* _Exercise_
Lines in the records below that contain the word "drawing" must each be copied.
**** Data records ****
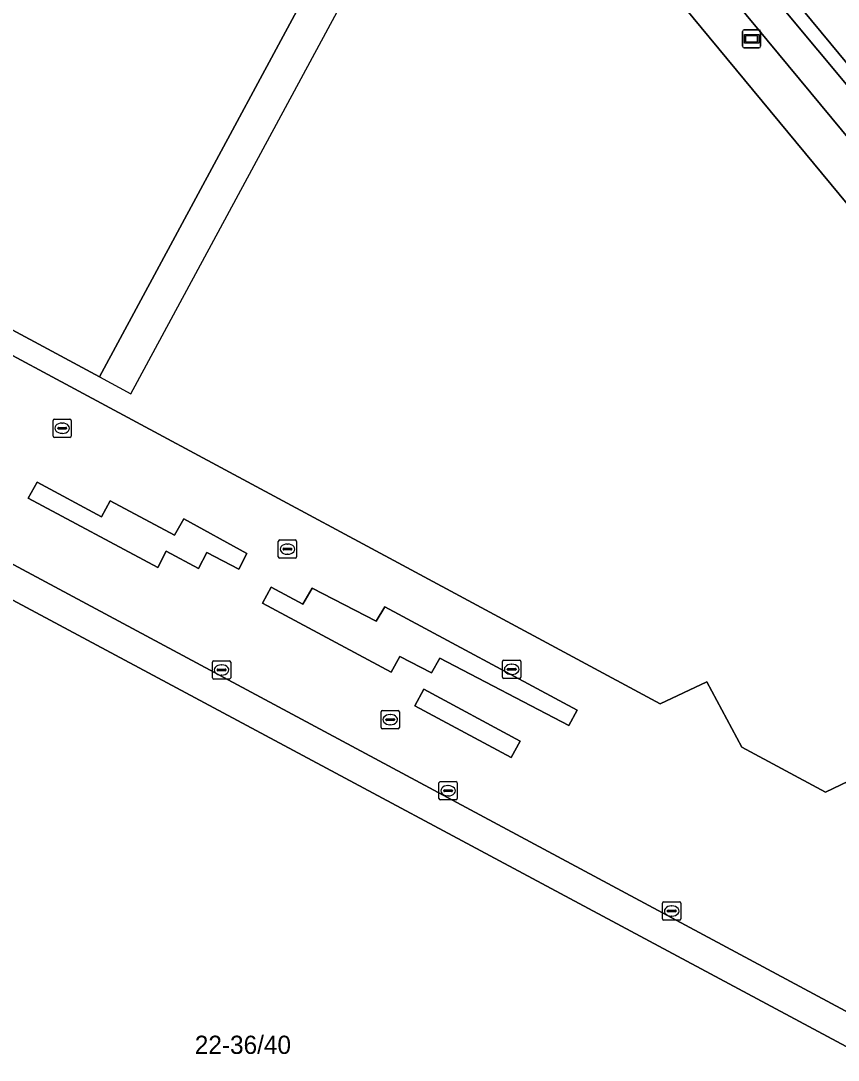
# Model space of a CAD drawing. Extents: x 159489 to 160304, y 383825 to 384531.
# Drawn here: x 159947.3 to 159992.1, y 384161.6 to 384218.7 of the extents above; entities that cross this region are included whole.
import ezdxf

# ---------------------------------------------------------------- set-up
doc = ezdxf.new("R2010")
doc.units = 0
for name, color, linetype in [('IMGEO_Fietspad_gesloten', 7, 'Continuous'), ('IMGEO_Groenvoorziening', 7, 'Continuous'), ('IMGEO_Informatiebord', 7, 'Continuous'), ('IMGEO_Kolk', 7, 'Continuous'), ('IMGEO_Pand', 7, 'Continuous'), ('IMGEO_Pand_nummerreeks', 7, 'Continuous'), ('IMGEO_Pand_overbouw', 7, 'Continuous'), ('IMGEO_Rijbaan_lokaal_gesloten', 7, 'Continuous'), ('IMGEO_Rioolput', 7, 'Continuous'), ('IMGEO_Verkeerseiland_open', 7, 'Continuous'), ('IMGEO_Voetpad_open', 7, 'Continuous')]:
    doc.layers.add(name, color=color, linetype=linetype)

msp = doc.modelspace()

# ---------------------------------------------------------------- linework, layer by layer
at = {"layer": 'IMGEO_Fietspad_gesloten'}
for points in [[(159957.532, 384254.825), (159960.033, 384251.817), (159960.897, 384250.561), (160029.527, 384167.731), (160030.452, 384166.645), (160032.238, 384164.549)], [(160032.453, 384167.34), (159961.686, 384252.179)]]:
    msp.add_lwpolyline(points, dxfattribs=at)
at = {"layer": 'IMGEO_Groenvoorziening'}
for points in [[(159982.197, 384221.174), (159967.686, 384229.02), (159951.577, 384199.109), (159928.39, 384211.596), (159927.794, 384210.489), (159967.949, 384188.903), (159982.328, 384181.173), (159984.895, 384182.371), (159986.818, 384178.787), (159991.4, 384176.315), (159993.92, 384177.521), (159995.948, 384173.906), (160023.092, 384159.367), (160025.82, 384157.906), (160029.234, 384164.348)], [(159952.151, 384192.3), (159951.689, 384191.433), (159948.149, 384193.322), (159947.655, 384192.445), (159954.763, 384188.647), (159955.223, 384189.552), (159957.007, 384188.594), (159957.455, 384189.463), (159959.209, 384188.554), (159959.654, 384189.413), (159956.19, 384191.318), (159955.692, 384190.428)], [(159977.316, 384179.976), (159977.779, 384180.81), (159967.221, 384186.485), (159966.752, 384185.693), (159963.234, 384187.514), (159962.727, 384186.634), (159960.987, 384187.572), (159960.518, 384186.684), (159967.566, 384182.895), (159968.054, 384183.761), (159969.795, 384182.871), (159970.25, 384183.679)], [(159968.876, 384181.06), (159974.15, 384178.21), (159974.643, 384179.122), (159969.369, 384181.972)]]:
    msp.add_lwpolyline(points, close=True, dxfattribs=at)
at = {"layer": 'IMGEO_Informatiebord'}
for p, q in [((159986.85, 384217.264), (159986.85, 384218.064)), ((159986.85, 384218.064), (159986.85, 384217.264)), ((159986.95, 384218.164), (159987.74, 384218.164)), ((159987.74, 384218.164), (159986.95, 384218.164)), ((159987.84, 384218.064), (159987.84, 384217.264)), ((159987.84, 384217.264), (159987.84, 384218.064)), ((159987.74, 384217.164), (159986.95, 384217.164)), ((159986.95, 384217.164), (159987.74, 384217.164))]:
    msp.add_line(p, q, dxfattribs=at)
for points in [[(159986.951, 384217.896), (159987.739, 384217.896), (159987.739, 384217.432), (159986.951, 384217.432), (159986.951, 384217.896)], [(159987.016, 384217.831), (159987.016, 384217.497), (159987.674, 384217.497), (159987.674, 384217.831), (159987.016, 384217.831)]]:
    msp.add_lwpolyline(points, dxfattribs=at)
for centre, start, end in [((159986.95, 384218.064), 90, 180), ((159986.95, 384218.064), 90, 180), ((159987.74, 384218.064), 0, 90), ((159987.74, 384218.064), 360, 90), ((159986.95, 384217.264), 180, 270), ((159986.95, 384217.264), 180, 270), ((159987.74, 384217.264), 270, 0), ((159987.74, 384217.264), 270, 0)]:
    msp.add_arc(centre, 0.1, start, end, dxfattribs=at)
at = {"layer": 'IMGEO_Kolk'}
for p, q in [((159949.024, 384195.864), (159949.024, 384196.716)), ((159949.099, 384196.79), (159949.951, 384196.79)), ((159949.512, 384196.57), (159949.537, 384196.57)), ((159950.025, 384196.716), (159950.025, 384195.864)), ((159949.283, 384196.284), (159949.283, 384196.296)), ((159949.721, 384196.247), (159949.323, 384196.247)), ((159949.326, 384196.333), (159949.724, 384196.333)), ((159949.535, 384196.01), (159949.51, 384196.01)), ((159949.767, 384196.296), (159949.767, 384196.284)), ((159949.951, 384195.79), (159949.099, 384195.79)), ((159961.382, 384189.23), (159961.382, 384190.082)), ((159961.457, 384190.156), (159962.309, 384190.156)), ((159961.87, 384189.936), (159961.895, 384189.936)), ((159962.383, 384190.082), (159962.383, 384189.23)), ((159962.309, 384189.156), (159961.457, 384189.156)), ((159961.641, 384189.65), (159961.641, 384189.662)), ((159962.079, 384189.613), (159961.681, 384189.613)), ((159961.684, 384189.699), (159962.082, 384189.699)), ((159961.893, 384189.376), (159961.868, 384189.376)), ((159962.125, 384189.662), (159962.125, 384189.65)), ((159957.769, 384182.598), (159957.769, 384183.45)), ((159957.844, 384183.524), (159958.696, 384183.524)), ((159958.77, 384183.45), (159958.77, 384182.598)), ((159973.686, 384182.631), (159973.686, 384183.483)), ((159973.761, 384183.557), (159974.613, 384183.557)), ((159974.687, 384183.483), (159974.687, 384182.631)), ((159958.028, 384183.018), (159958.028, 384183.03)), ((159958.466, 384182.981), (159958.068, 384182.981)), ((159958.071, 384183.067), (159958.469, 384183.067)), ((159958.257, 384183.304), (159958.282, 384183.304)), ((159958.512, 384183.03), (159958.512, 384183.018)), ((159973.945, 384183.051), (159973.945, 384183.063)), ((159974.383, 384183.014), (159973.985, 384183.014)), ((159973.988, 384183.1), (159974.386, 384183.1)), ((159974.174, 384183.337), (159974.199, 384183.337)), ((159974.429, 384183.063), (159974.429, 384183.051)), ((159958.696, 384182.524), (159957.844, 384182.524)), ((159958.28, 384182.744), (159958.255, 384182.744)), ((159974.613, 384182.557), (159973.761, 384182.557)), ((159974.197, 384182.777), (159974.172, 384182.777)), ((159970.196, 384175.968), (159970.196, 384176.82)), ((159970.271, 384176.894), (159971.123, 384176.894)), ((159970.684, 384176.674), (159970.709, 384176.674)), ((159971.197, 384176.82), (159971.197, 384175.968)), ((159970.455, 384176.388), (159970.455, 384176.4)), ((159970.893, 384176.351), (159970.495, 384176.351)), ((159970.498, 384176.437), (159970.896, 384176.437)), ((159970.707, 384176.114), (159970.682, 384176.114)), ((159970.939, 384176.4), (159970.939, 384176.388)), ((159971.123, 384175.894), (159970.271, 384175.894)), ((159982.465, 384169.366), (159982.465, 384170.218)), ((159982.54, 384170.292), (159983.392, 384170.292)), ((159982.724, 384169.786), (159982.724, 384169.798)), ((159983.162, 384169.749), (159982.764, 384169.749)), ((159982.767, 384169.835), (159983.165, 384169.835)), ((159982.953, 384170.072), (159982.978, 384170.072)), ((159983.208, 384169.798), (159983.208, 384169.786)), ((159983.466, 384170.218), (159983.466, 384169.366)), ((159983.392, 384169.292), (159982.54, 384169.292)), ((159982.976, 384169.512), (159982.951, 384169.512))]:
    msp.add_line(p, q, dxfattribs=at)
for points in [[(159949.024, 384195.864), (159949.024, 384196.716)], [(159949.099, 384196.79), (159949.951, 384196.79)], [(159950.025, 384196.716), (159950.025, 384195.864)], [(159949.951, 384195.79), (159949.099, 384195.79)], [(159961.382, 384189.23), (159961.382, 384190.082)], [(159961.457, 384190.156), (159962.309, 384190.156)], [(159962.383, 384190.082), (159962.383, 384189.23)], [(159962.309, 384189.156), (159961.457, 384189.156)], [(159957.769, 384182.598), (159957.769, 384183.45)], [(159957.844, 384183.524), (159958.696, 384183.524)], [(159958.77, 384183.45), (159958.77, 384182.598)], [(159973.686, 384182.631), (159973.686, 384183.483)], [(159973.761, 384183.557), (159974.613, 384183.557)], [(159974.687, 384183.483), (159974.687, 384182.631)], [(159958.696, 384182.524), (159957.844, 384182.524)], [(159974.613, 384182.557), (159973.761, 384182.557)], [(159970.196, 384175.968), (159970.196, 384176.82)], [(159970.271, 384176.894), (159971.123, 384176.894)], [(159971.197, 384176.82), (159971.197, 384175.968)], [(159971.123, 384175.894), (159970.271, 384175.894)], [(159982.465, 384169.366), (159982.465, 384170.218)], [(159982.54, 384170.292), (159983.392, 384170.292)], [(159983.466, 384170.218), (159983.466, 384169.366)], [(159983.392, 384169.292), (159982.54, 384169.292)]]:
    msp.add_lwpolyline(points, dxfattribs=at)
for centre, radius, start, end in [((159949.101, 384196.714), 0.0765, 91.552, 178.448), ((159949.101, 384196.714), 0.0765, 91.552, 178.448), ((159949.949, 384196.714), 0.0765, 1.552, 88.448), ((159949.949, 384196.714), 0.0765, 1.552, 88.448), ((159949.323, 384196.293), 0.0403, 85.8775, 175.7526), ((159949.32, 384196.283), 0.0366, 178.938, 274.7102), ((159949.724, 384196.29), 0.043, 264.8664, 352.4533), ((159949.728, 384196.295), 0.0386, 1.7309, 96.639), ((159949.101, 384195.866), 0.0765, 181.552, 268.448), ((159949.101, 384195.866), 0.0765, 181.552, 268.448), ((159949.949, 384195.866), 0.0765, 271.552, 358.448), ((159949.949, 384195.866), 0.0765, 271.552, 358.448), ((159961.459, 384190.08), 0.0765, 91.552, 178.448), ((159961.459, 384190.08), 0.0765, 91.552, 178.448), ((159962.307, 384190.08), 0.0765, 1.552, 88.448), ((159962.307, 384190.08), 0.0765, 1.552, 88.448), ((159961.459, 384189.232), 0.0765, 181.552, 268.448), ((159961.459, 384189.232), 0.0765, 181.552, 268.448), ((159961.681, 384189.659), 0.0403, 85.8775, 175.7526), ((159961.678, 384189.649), 0.0366, 178.938, 274.7102), ((159962.082, 384189.656), 0.043, 264.8664, 352.4533), ((159962.086, 384189.661), 0.0386, 1.7309, 96.639), ((159962.307, 384189.232), 0.0765, 271.552, 358.448), ((159962.307, 384189.232), 0.0765, 271.552, 358.448), ((159957.846, 384183.448), 0.0765, 91.552, 178.448), ((159957.846, 384183.448), 0.0765, 91.552, 178.448), ((159958.694, 384183.448), 0.0765, 1.552, 88.448), ((159958.694, 384183.448), 0.0765, 1.552, 88.448), ((159973.763, 384183.481), 0.0765, 91.552, 178.448), ((159973.763, 384183.481), 0.0765, 91.552, 178.448), ((159974.611, 384183.481), 0.0765, 1.552, 88.448), ((159974.611, 384183.481), 0.0765, 1.552, 88.448), ((159958.068, 384183.027), 0.0403, 85.8775, 175.7526), ((159958.065, 384183.017), 0.0366, 178.938, 274.7102), ((159958.469, 384183.024), 0.043, 264.8664, 352.4533), ((159958.473, 384183.029), 0.0386, 1.7309, 96.639), ((159973.985, 384183.06), 0.0403, 85.8775, 175.7526), ((159973.982, 384183.05), 0.0366, 178.938, 274.7102), ((159974.386, 384183.057), 0.043, 264.8664, 352.4533), ((159974.39, 384183.062), 0.0386, 1.7309, 96.639), ((159957.846, 384182.6), 0.0765, 181.552, 268.448), ((159957.846, 384182.6), 0.0765, 181.552, 268.448), ((159958.694, 384182.6), 0.0765, 271.552, 358.448), ((159958.694, 384182.6), 0.0765, 271.552, 358.448), ((159973.763, 384182.633), 0.0765, 181.552, 268.448), ((159973.763, 384182.633), 0.0765, 181.552, 268.448), ((159974.611, 384182.633), 0.0765, 271.552, 358.448), ((159974.611, 384182.633), 0.0765, 271.552, 358.448), ((159970.273, 384176.818), 0.0765, 91.552, 178.448), ((159970.273, 384176.818), 0.0765, 91.552, 178.448), ((159971.121, 384176.818), 0.0765, 1.552, 88.448), ((159971.121, 384176.818), 0.0765, 1.552, 88.448), ((159970.495, 384176.397), 0.0403, 85.8775, 175.7526), ((159970.492, 384176.387), 0.0366, 178.938, 274.7102), ((159970.896, 384176.394), 0.043, 264.8664, 352.4533), ((159970.9, 384176.399), 0.0386, 1.7309, 96.639), ((159970.273, 384175.97), 0.0765, 181.552, 268.448), ((159970.273, 384175.97), 0.0765, 181.552, 268.448), ((159971.121, 384175.97), 0.0765, 271.552, 358.448), ((159971.121, 384175.97), 0.0765, 271.552, 358.448), ((159982.542, 384170.216), 0.0765, 91.552, 178.448), ((159982.542, 384170.216), 0.0765, 91.552, 178.448), ((159982.764, 384169.795), 0.0403, 85.8775, 175.7526), ((159982.761, 384169.785), 0.0366, 178.938, 274.7102), ((159983.165, 384169.792), 0.043, 264.8664, 352.4533), ((159983.169, 384169.797), 0.0386, 1.7309, 96.639), ((159983.39, 384170.216), 0.0765, 1.552, 88.448), ((159983.39, 384170.216), 0.0765, 1.552, 88.448), ((159982.542, 384169.368), 0.0765, 181.552, 268.448), ((159982.542, 384169.368), 0.0765, 181.552, 268.448), ((159983.39, 384169.368), 0.0765, 271.552, 358.448), ((159983.39, 384169.368), 0.0765, 271.552, 358.448)]:
    msp.add_arc(centre, radius, start, end, dxfattribs=at)
for centre, major_axis, ratio, start_param, end_param in [((159949.511, 384196.29), (-0.387, 0.002), 0.722429, 4.712389, 7.853982), ((159949.536, 384196.29), (-0.39, 0.002), 0.717154, 1.570796, 4.712389), ((159961.869, 384189.656), (-0.387, 0.002), 0.722429, 4.712389, 7.853982), ((159961.894, 384189.656), (-0.39, 0.002), 0.717154, 1.570796, 4.712389), ((159958.256, 384183.024), (-0.387, 0.002), 0.722429, 4.712389, 7.853982), ((159958.281, 384183.024), (-0.39, 0.002), 0.717154, 1.570796, 4.712389), ((159974.173, 384183.057), (-0.387, 0.002), 0.722429, 4.712389, 7.853982), ((159974.198, 384183.057), (-0.39, 0.002), 0.717154, 1.570796, 4.712389), ((159970.683, 384176.394), (-0.387, 0.002), 0.722429, 4.712389, 7.853982), ((159970.708, 384176.394), (-0.39, 0.002), 0.717154, 1.570796, 4.712389), ((159982.952, 384169.792), (-0.387, 0.002), 0.722429, 4.712389, 7.853982), ((159982.977, 384169.792), (-0.39, 0.002), 0.717154, 1.570796, 4.712389)]:
    msp.add_ellipse(centre, major_axis=major_axis, ratio=ratio, start_param=start_param, end_param=end_param, dxfattribs=at)
at = {"layer": 'IMGEO_Pand'}
for points in [[(159967.686, 384229.02), (159944.524, 384241.543), (159928.39, 384211.596), (159951.577, 384199.109)], [(159920.064, 384201.185), (159917.432, 384202.595), (159916.85, 384202.907), (159901.938, 384175.054), (159901.96, 384175.043), (159906.775, 384172.478), (159912.035, 384169.676), (159918.126, 384166.432), (159935.251, 384157.25), (159940.225, 384154.583), (159948.39, 384150.205), (159951.365, 384148.61), (159970.476, 384138.363), (159972.877, 384137.075), (159988.602, 384128.644), (159993.803, 384125.855), (160002.485, 384121.2), (160003.04, 384122.23), (160003.607, 384123.282), (160007.121, 384129.803), (160017.466, 384149)]]:
    msp.add_lwpolyline(points, close=True, dxfattribs=at)
at = {"layer": 'IMGEO_Pand_overbouw'}
msp.add_lwpolyline([(159953.299, 384198.181), (159969.896, 384228.943), (159943.238, 384243.325), (159926.605, 384212.558), (159928.39, 384211.596), (159944.07, 384240.7), (159944.524, 384241.543), (159945.039, 384241.265), (159967.686, 384229.02), (159951.577, 384199.109)], close=True, dxfattribs=at)
at = {"layer": 'IMGEO_Rijbaan_lokaal_gesloten'}
msp.add_lwpolyline([(159960.762, 384254.768), (159961.57, 384253.773), (160030.037, 384171.103), (160034.331, 384174.603), (160033.026, 384176.155), (160028.141, 384182.05)], dxfattribs=at)
at = {"layer": 'IMGEO_Rioolput'}
for p, q in [((159967.023, 384179.869), (159967.023, 384180.721)), ((159967.098, 384180.795), (159967.95, 384180.795)), ((159968.024, 384180.721), (159968.024, 384179.869)), ((159967.282, 384180.289), (159967.282, 384180.301)), ((159967.72, 384180.252), (159967.322, 384180.252)), ((159967.325, 384180.338), (159967.723, 384180.338)), ((159967.534, 384180.015), (159967.509, 384180.015)), ((159967.511, 384180.575), (159967.536, 384180.575)), ((159967.766, 384180.301), (159967.766, 384180.289)), ((159967.95, 384179.795), (159967.098, 384179.795))]:
    msp.add_line(p, q, dxfattribs=at)
for points in [[(159967.023, 384179.869), (159967.023, 384180.721)], [(159967.098, 384180.795), (159967.95, 384180.795)], [(159968.024, 384180.721), (159968.024, 384179.869)], [(159967.95, 384179.795), (159967.098, 384179.795)]]:
    msp.add_lwpolyline(points, dxfattribs=at)
for centre, radius, start, end in [((159967.1, 384180.719), 0.0765, 91.552, 178.448), ((159967.1, 384180.719), 0.0765, 91.552, 178.448), ((159967.948, 384180.719), 0.0765, 1.552, 88.448), ((159967.948, 384180.719), 0.0765, 1.552, 88.448), ((159967.322, 384180.298), 0.0403, 85.8775, 175.7526), ((159967.319, 384180.288), 0.0366, 178.938, 274.7102), ((159967.723, 384180.295), 0.043, 264.8664, 352.4533), ((159967.727, 384180.3), 0.0386, 1.7309, 96.639), ((159967.1, 384179.871), 0.0765, 181.552, 268.448), ((159967.1, 384179.871), 0.0765, 181.552, 268.448), ((159967.948, 384179.871), 0.0765, 271.552, 358.448), ((159967.948, 384179.871), 0.0765, 271.552, 358.448)]:
    msp.add_arc(centre, radius, start, end, dxfattribs=at)
for centre, major_axis, ratio, start_param, end_param in [((159967.51, 384180.295), (-0.387, 0.002), 0.722429, 4.712389, 7.853982), ((159967.535, 384180.295), (-0.39, 0.002), 0.717154, 1.570796, 4.712389)]:
    msp.add_ellipse(centre, major_axis=major_axis, ratio=ratio, start_param=start_param, end_param=end_param, dxfattribs=at)
at = {"layer": 'IMGEO_Verkeerseiland_open'}
for points in [[(159959.452, 384254.838), (159959.937, 384254.261), (159961.686, 384252.179), (160032.453, 384167.34)], [(160031.533, 384169.297), (160030.037, 384171.103), (159961.57, 384253.773)]]:
    msp.add_lwpolyline(points, dxfattribs=at)
at = {"layer": 'IMGEO_Voetpad_open'}
msp.add_lwpolyline([(159938.258, 384245.722), (159936.217, 384243.18), (159934.691, 384241.032), (159937.261, 384239.696), (159936.314, 384237.873), (159922.992, 384213.07), (159925.664, 384211.634), (159927.794, 384210.489), (159928.39, 384211.596), (159944.524, 384241.543), (159967.686, 384229.02), (159982.197, 384221.174), (160029.234, 384164.348), (160030.452, 384166.645), (160029.527, 384167.731), (159960.897, 384250.561)], dxfattribs=at)
for points in [[(159967.949, 384188.903), (159927.794, 384210.489), (159925.664, 384211.634), (159922.992, 384213.07), (159920.172, 384207.756), (159918.255, 384204.145), (160018.319, 384150.449), (160023.092, 384159.367), (159995.948, 384173.906), (159993.92, 384177.521), (159991.4, 384176.315), (159986.818, 384178.787), (159984.895, 384182.371), (159982.328, 384181.173)], [(159918.255, 384204.145), (159917.432, 384202.595), (159920.064, 384201.185), (160017.466, 384149), (160017.526, 384148.968), (160018.319, 384150.449)], [(159959.209, 384188.554), (159957.455, 384189.463), (159957.007, 384188.594), (159955.223, 384189.552), (159954.763, 384188.647), (159947.655, 384192.445), (159948.149, 384193.322), (159951.689, 384191.433), (159952.151, 384192.3), (159955.692, 384190.428), (159956.19, 384191.318), (159959.654, 384189.413)], [(159977.779, 384180.81), (159977.316, 384179.976), (159970.25, 384183.679), (159969.795, 384182.871), (159968.054, 384183.761), (159967.566, 384182.895), (159960.518, 384186.684), (159960.987, 384187.572), (159962.727, 384186.634), (159963.234, 384187.514), (159966.752, 384185.693), (159967.221, 384186.485)], [(159974.643, 384179.122), (159974.15, 384178.21), (159968.876, 384181.06), (159969.369, 384181.972)]]:
    msp.add_lwpolyline(points, close=True, dxfattribs=at)

# ---------------------------------------------------------------- texts
at = {"layer": 'IMGEO_Pand_nummerreeks'}
msp.add_text('22-36/40', height=1, dxfattribs=at).set_placement((159956.8, 384161.95))

doc.saveas('drawing.dxf')
****
* _Result of this task_
# Model space of a CAD drawing. Extents: x 159489 to 160304, y 383825 to 384531.
doc.saveas('drawing.dxf')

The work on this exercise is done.